Thanks for the comments two Davids.
I didn’t know that Paulo had posted the same pics some time ago.
There’s no doubt that there’s been enormous technological advances in race car construction since the 1960s, borne out by the fact that the last driver to be killed in an F1 race was Ayrton Senna in 1994, despite many horrendous accidents since then. Carbon fibre and various sandwich and honeycomb constructions prove the point.
It’s said that one shouldn’t compare apples with onions but one wonders what the outcome would have been had a Roaring Forties tube frame or Jimmy Price monocoque GT40 had identical accidents on the same stretch of road in Italy.
During the seven years I spent in Europe 27 drivers were killed in mainly in F1 and sports car races. Even though Colin Chapman was an early pioneer of monocoques most of the accidents were in tube frame cars clad in flimsy fibreglass body shells with little or no impact resistance.

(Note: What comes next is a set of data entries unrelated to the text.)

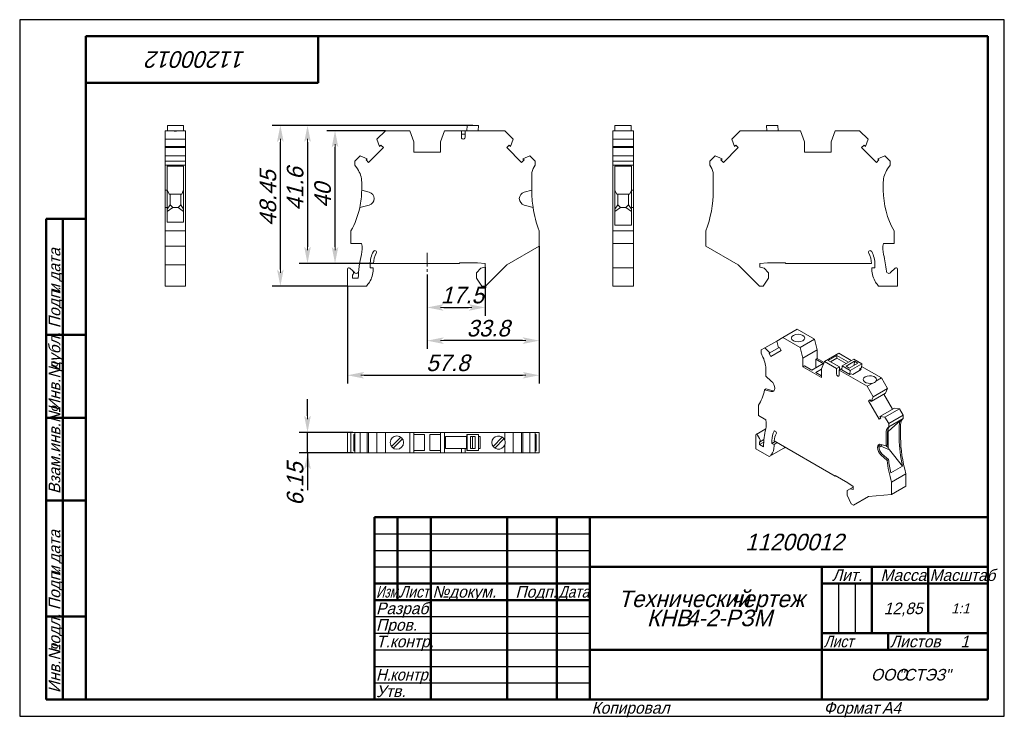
# Model space of a CAD drawing. Header units: millimetres. Extents: x 0 to 297, y 0 to 210.
import ezdxf

# ---------------------------------------------------------------- set-up
doc = ezdxf.new("R2010")
doc.units = ezdxf.units.MM
doc.linetypes.add('CENTER_per1_scale0.129921', pattern=[6.6, 4.125, -0.825, 0.825, -0.825])
doc.styles.add('TextStyle_1', font='T-FLEX Type A.TTF', dxfattribs={"oblique": 15, "height": 5})
doc.styles.add('TextStyle_2', font='T-FLEX Type A.TTF', dxfattribs={"oblique": 15, "height": 3.5})
doc.styles.add('TextStyle_3', font='T-FLEX Type A.TTF', dxfattribs={"width": 0.744064, "oblique": 15, "height": 3.5})
doc.styles.add('TextStyle_4', font='T-FLEX Type A.TTF', dxfattribs={"width": 0.883061, "oblique": 15, "height": 3.5})
doc.styles.add('TextStyle_5', font='T-FLEX Type A.TTF', dxfattribs={"width": 0.94413, "oblique": 15, "height": 3.5})
doc.styles.add('TextStyle_6', font='T-FLEX Type A.TTF', dxfattribs={"width": 0.98844, "oblique": 15, "height": 3.5})
doc.styles.add('TextStyle_7', font='T-FLEX Type A.TTF', dxfattribs={"oblique": 15, "height": 5})
doc.styles.add('TextStyle_8', font='T-FLEX Type A.TTF', dxfattribs={"oblique": 15, "height": 3})
doc.styles.add('TextStyle_9', font='T-FLEX Type A.TTF', dxfattribs={"oblique": 15, "height": 3.5})
doc.dimstyles.new('DIM_ST_1', dxfattribs={"dimtxt": 5, "dimasz": 5, "dimexe": 2.5, "dimexo": 0, "dimtad": 1, "dimrnd": 0.01, "dimdsep": 46, "dimtxsty": 'TextStyle_1', "dimblk": 'Arrow_3_C7_Status', "dimcen": 0.09, "dimclrd": 7, "dimclre": 7, "dimclrt": 7, "dimazin": 0, "dimtfac": 1, "dimtdec": 0, "dimtmove": 0, "dimatfit": 0, "dimldrblk": 'NONE', "dimfxl": 1, "dimtvp": 1, "dimtolj": 1, "dimarcsym": 0})
doc.dimstyles.new('DIM_ST_2', dxfattribs={"dimtxt": 5, "dimasz": 5, "dimexe": 2.5, "dimexo": 0, "dimtad": 1, "dimrnd": 0.01, "dimdsep": 46, "dimtxsty": 'TextStyle_1', "dimblk": 'Arrow_3_C7_Status', "dimcen": 0.09, "dimclrd": 7, "dimclre": 7, "dimclrt": 7, "dimazin": 0, "dimtfac": 1, "dimtdec": 0, "dimtmove": 0, "dimatfit": 0, "dimldrblk": 'NONE', "dimfxl": 1, "dimtvp": 1, "dimtolj": 1, "dimarcsym": 0})
doc.dimstyles.new('DIM_ST_3', dxfattribs={"dimtxt": 5, "dimasz": 5, "dimexe": 2.5, "dimexo": 0, "dimtad": 1, "dimrnd": 0.01, "dimdsep": 46, "dimtxsty": 'TextStyle_1', "dimblk": 'Arrow_3_C7_Status', "dimcen": 0.09, "dimclrd": 7, "dimclre": 7, "dimclrt": 7, "dimazin": 0, "dimtfac": 1, "dimtdec": 0, "dimtmove": 0, "dimatfit": 0, "dimldrblk": 'NONE', "dimfxl": 1, "dimtvp": 1, "dimtolj": 1, "dimarcsym": 0})

# ---------------------------------------------------------------- blocks, each defined once
blk = doc.blocks.new('Arrow_3_C7_Status')
at = {"color": 7, "linetype": 'Continuous', "lineweight": 0}
blk.add_line((-1, 0), (-0.8, 0), dxfattribs=at)
at = {"color": 7}
blk.add_solid([(-1, -0.2), (0, 0), (-0.8, 0), (-1, 0.2)], dxfattribs=at)
blk = doc.blocks.new('*D5')
at = {"color": 7, "lineweight": -2}
for p, q in [((140.41, 135.42), (140.41, 120.73)), ((122.91, 133.15), (122.91, 120.73)), ((127.91, 123.23), (135.41, 123.23))]:
    blk.add_line(p, q, dxfattribs=at)
at = {"layer": 'Defpoints', "color": 0}
for p in [(140.41, 135.42), (122.91, 133.15), (140.41, 123.23)]:
    blk.add_point(p, dxfattribs=at)
at = {"color": 7, "lineweight": -2, "xscale": 5, "yscale": 5, "zscale": 5, "rotation": 180}
blk.add_blockref('Arrow_3_C7_Status', (122.91, 123.23), dxfattribs=at)
at = {"color": 7, "lineweight": -2, "xscale": 5, "yscale": 5, "zscale": 5}
blk.add_blockref('Arrow_3_C7_Status', (140.41, 123.23), dxfattribs=at)
blk = doc.blocks.new('_None')
blk = doc.blocks.new('*D6')
at = {"color": 7, "lineweight": -2}
for p, q in [((156.71, 141.73), (156.71, 110.73)), ((122.91, 133.15), (122.91, 110.73)), ((151.71, 113.23), (127.91, 113.23))]:
    blk.add_line(p, q, dxfattribs=at)
at = {"layer": 'Defpoints', "color": 0}
for p in [(156.71, 141.73), (122.91, 133.15), (122.91, 113.23)]:
    blk.add_point(p, dxfattribs=at)
at = {"color": 7, "lineweight": -2, "xscale": 5, "yscale": 5, "zscale": 5, "rotation": 180}
blk.add_blockref('Arrow_3_C7_Status', (122.91, 113.23), dxfattribs=at)
at = {"color": 7, "lineweight": -2, "xscale": 5, "yscale": 5, "zscale": 5}
blk.add_blockref('Arrow_3_C7_Status', (156.71, 113.23), dxfattribs=at)
blk = doc.blocks.new('*D7')
at = {"color": 7, "lineweight": -2}
for p, q in [((156.71, 141.73), (156.71, 100.29)), ((98.91, 129.67), (98.91, 100.29)), ((103.91, 102.79), (151.71, 102.79))]:
    blk.add_line(p, q, dxfattribs=at)
at = {"layer": 'Defpoints', "color": 0}
for p in [(156.71, 141.73), (98.91, 129.67), (156.71, 102.79)]:
    blk.add_point(p, dxfattribs=at)
at = {"color": 7, "lineweight": -2, "xscale": 5, "yscale": 5, "zscale": 5}
for p, rotation in [((98.91, 102.79), 180), ((156.71, 102.79), 360)]:
    blk.add_blockref('Arrow_3_C7_Status', p, dxfattribs=dict(at, rotation=rotation))
blk = doc.blocks.new('*D8')
at = {"color": 7, "lineweight": -2}
for p, q in [((110.31, 176.52), (92.62, 176.52)), ((95.12, 141.52), (95.12, 171.52)), ((106.71, 136.52), (92.62, 136.52))]:
    blk.add_line(p, q, dxfattribs=at)
at = {"layer": 'Defpoints', "color": 0}
for p in [(95.12, 176.52), (110.31, 176.52), (106.71, 136.52)]:
    blk.add_point(p, dxfattribs=at)
at = {"color": 7, "lineweight": -2, "xscale": 5, "yscale": 5, "zscale": 5}
for p, rotation in [((95.12, 176.52), 90.00000000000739), ((95.12, 136.52), 270.0000000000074)]:
    blk.add_blockref('Arrow_3_C7_Status', p, dxfattribs=dict(at, rotation=rotation))
blk = doc.blocks.new('*D9')
at = {"color": 7, "lineweight": -2}
for p, q in [((136.73, 178.12), (84.32, 178.12)), ((86.82, 173.12), (86.82, 141.52)), ((106.71, 136.52), (84.32, 136.52))]:
    blk.add_line(p, q, dxfattribs=at)
at = {"layer": 'Defpoints', "color": 0}
for p in [(136.73, 178.12), (86.82, 136.52), (106.71, 136.52)]:
    blk.add_point(p, dxfattribs=at)
at = {"color": 7, "lineweight": -2, "xscale": 5, "yscale": 5, "zscale": 5}
for p, rotation in [((86.82, 178.12), 90.00000000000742), ((86.82, 136.52), 270.0000000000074)]:
    blk.add_blockref('Arrow_3_C7_Status', p, dxfattribs=dict(at, rotation=rotation))
blk = doc.blocks.new('*D10')
at = {"color": 7, "lineweight": -2}
for p, q in [((135.02, 178.12), (76.13, 178.12)), ((78.63, 134.67), (78.63, 173.12)), ((98.91, 129.67), (76.13, 129.67))]:
    blk.add_line(p, q, dxfattribs=at)
at = {"layer": 'Defpoints', "color": 0}
for p in [(78.63, 178.12), (135.02, 178.12), (98.91, 129.67)]:
    blk.add_point(p, dxfattribs=at)
at = {"color": 7, "lineweight": -2, "xscale": 5, "yscale": 5, "zscale": 5}
for p, rotation in [((78.63, 178.12), 90), ((78.63, 129.67), 270)]:
    blk.add_blockref('Arrow_3_C7_Status', p, dxfattribs=dict(at, rotation=rotation))
blk = doc.blocks.new('*D11')
at = {"color": 7, "lineweight": -2}
for p, q in [((86.82, 90.57), (86.82, 95.57)), ((100.51, 85.57), (84.32, 85.57)), ((86.82, 79.42), (86.82, 85.57)), ((100.51, 79.42), (84.32, 79.42)), ((86.82, 79.42), (86.82, 68.1)), ((86.82, 74.42), (86.82, 69.42))]:
    blk.add_line(p, q, dxfattribs=at)
at = {"layer": 'Defpoints', "color": 0}
for p in [(86.82, 85.57), (100.51, 85.57), (100.51, 79.42)]:
    blk.add_point(p, dxfattribs=at)
at = {"color": 7, "lineweight": -2, "xscale": 5, "yscale": 5, "zscale": 5}
for p, rotation in [((86.82, 85.57), 270.0000000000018), ((86.82, 79.42), 90.00000000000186)]:
    blk.add_blockref('Arrow_3_C7_Status', p, dxfattribs=dict(at, rotation=rotation))
blk = doc.blocks.new('_FR1Страница_1')
at = {"color": 7, "linetype": 'Continuous', "lineweight": 25}
for p, q in [((0, 210), (0, 0)), ((297, 210), (0, 210)), ((297, 0), (297, 210)), ((107, 55), (172, 55)), ((107, 50), (172, 50)), ((107, 45), (172, 45)), ((247, 40), (247, 25)), ((252, 40), (252, 25)), ((107, 30), (172, 30)), ((107, 25), (172, 25)), ((107, 20), (172, 20)), ((242, 20), (292, 20)), ((262, 20), (262, 20)), ((107, 15), (172, 15)), ((107, 10), (172, 10)), ((0, 0), (297, 0))]:
    blk.add_line(p, q, dxfattribs=at)
at = {"color": 7, "linetype": 'Continuous', "lineweight": 50}
for p, q in [((20, 5), (20, 205)), ((20, 205), (292, 205)), ((90, 191), (90, 205)), ((292, 205), (292, 5)), ((20, 191), (90, 191)), ((8, 5), (8, 150)), ((8, 150), (20, 150)), ((13, 150), (13, 5)), ((8, 115), (20, 115)), ((8, 90), (20, 90)), ((20, 65), (8, 65)), ((107, 5), (107, 60)), ((107, 60), (292, 60)), ((114, 60), (114, 35)), ((124, 60), (124, 5)), ((147, 60), (147, 5)), ((162, 60), (162, 5)), ((172, 60), (172, 5)), ((172, 45), (292, 45)), ((242, 45), (242, 5)), ((257, 45), (257, 25)), ((274, 45), (274, 25)), ((107, 40), (172, 40)), ((242, 40), (292, 40)), ((107, 35), (172, 35)), ((8, 30), (20, 30)), ((242, 25), (292, 25)), ((262, 25), (262, 20)), ((172, 20), (292, 20)), ((20, 5), (8, 5)), ((292, 5), (20, 5))]:
    blk.add_line(p, q, dxfattribs=at)
at = {"color": 7, "oblique": 15}
for s, height, rotation, style, p in [('11200012', 5, 180, 'TextStyle_7', (68.16, 200.5)), ('дата', 3.5, 90, 'TextStyle_2', (12.25, 131.01)), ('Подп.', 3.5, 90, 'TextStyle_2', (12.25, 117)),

The year 1968 was a terrible one with the deaths of Jim Clark (April 7), Mike Spence (May 7), Ludovico Scarfiotti (June 8) and Jo Schlesser (July 7), four virtually one per month to the day. It was my last year in Europe and I recall ending the year on a depressed note wondering what motor racing was all about particularly when I looked back and remembered rubbing shoulders and joking with the dead drivers. However one recovers and life goes on.
Former South African national F1 champion was recently reunited with his Lotus 72D with which he won national championships in the early 1970s. Even though it had a monocoque (aluminium) he was aghast that he drove ‘that frail thing at the speeds he did.’ Interesting how sanity prevails as one gets older, but I doubt that applies to Robert Logan or me!
When Walt Hangsen was killed in a GT40 at Le Mans in 1966 during the April practice session, according the former Shelby crew chief, Ron Butler, who was one of the first on the scene, he was killed when the right front wheel snapped back under the impact and hit him in the face. The rest of the monocoque remained largely intact.
A further testimony to the immense strength of carbon fibre was a 300 km/h or so accident involving a prototype Mercedes-Benz McLaren SLR. During high speed tests in Italy the car crashed, if I remember correctly when a tyre blew. The SLR went into a never ending series of rolls and somersaults and the only injury to the test driver was a small cut on the nose from the broken windscreen. When I visited Mclaren in mid-2002 and saw the cars in the making Gordon Murray told me of the accident.
One wonders how much thought Mr and Mrs Average Commuter throughout the world give to the contribution to their passengers cars by lessons learnt from the racing and rally circuits of the world. A prime example was the disc brake that first appeared on the works C-Type Jaguars at Le Mans. The Jag tail lights would come on at the end of the Mulsanne straight at the 500 m board as would the drum-braked works Ferraris, As the race wore on the Jag lights flashed on consistently at the 500 m mark whilst the Ferrari lights started to flash at the 800 m board. The rest, as they say, is history. Any drum braked cars in the world? Possibly the-beyond-its-sell-by date the 1950s Morris Oxford I believe still being built in India by Hindustan Motors Ltd as the Ambassador Nova. Or has production stopped now that India is going places.
Take it easy and brake before it’s too late!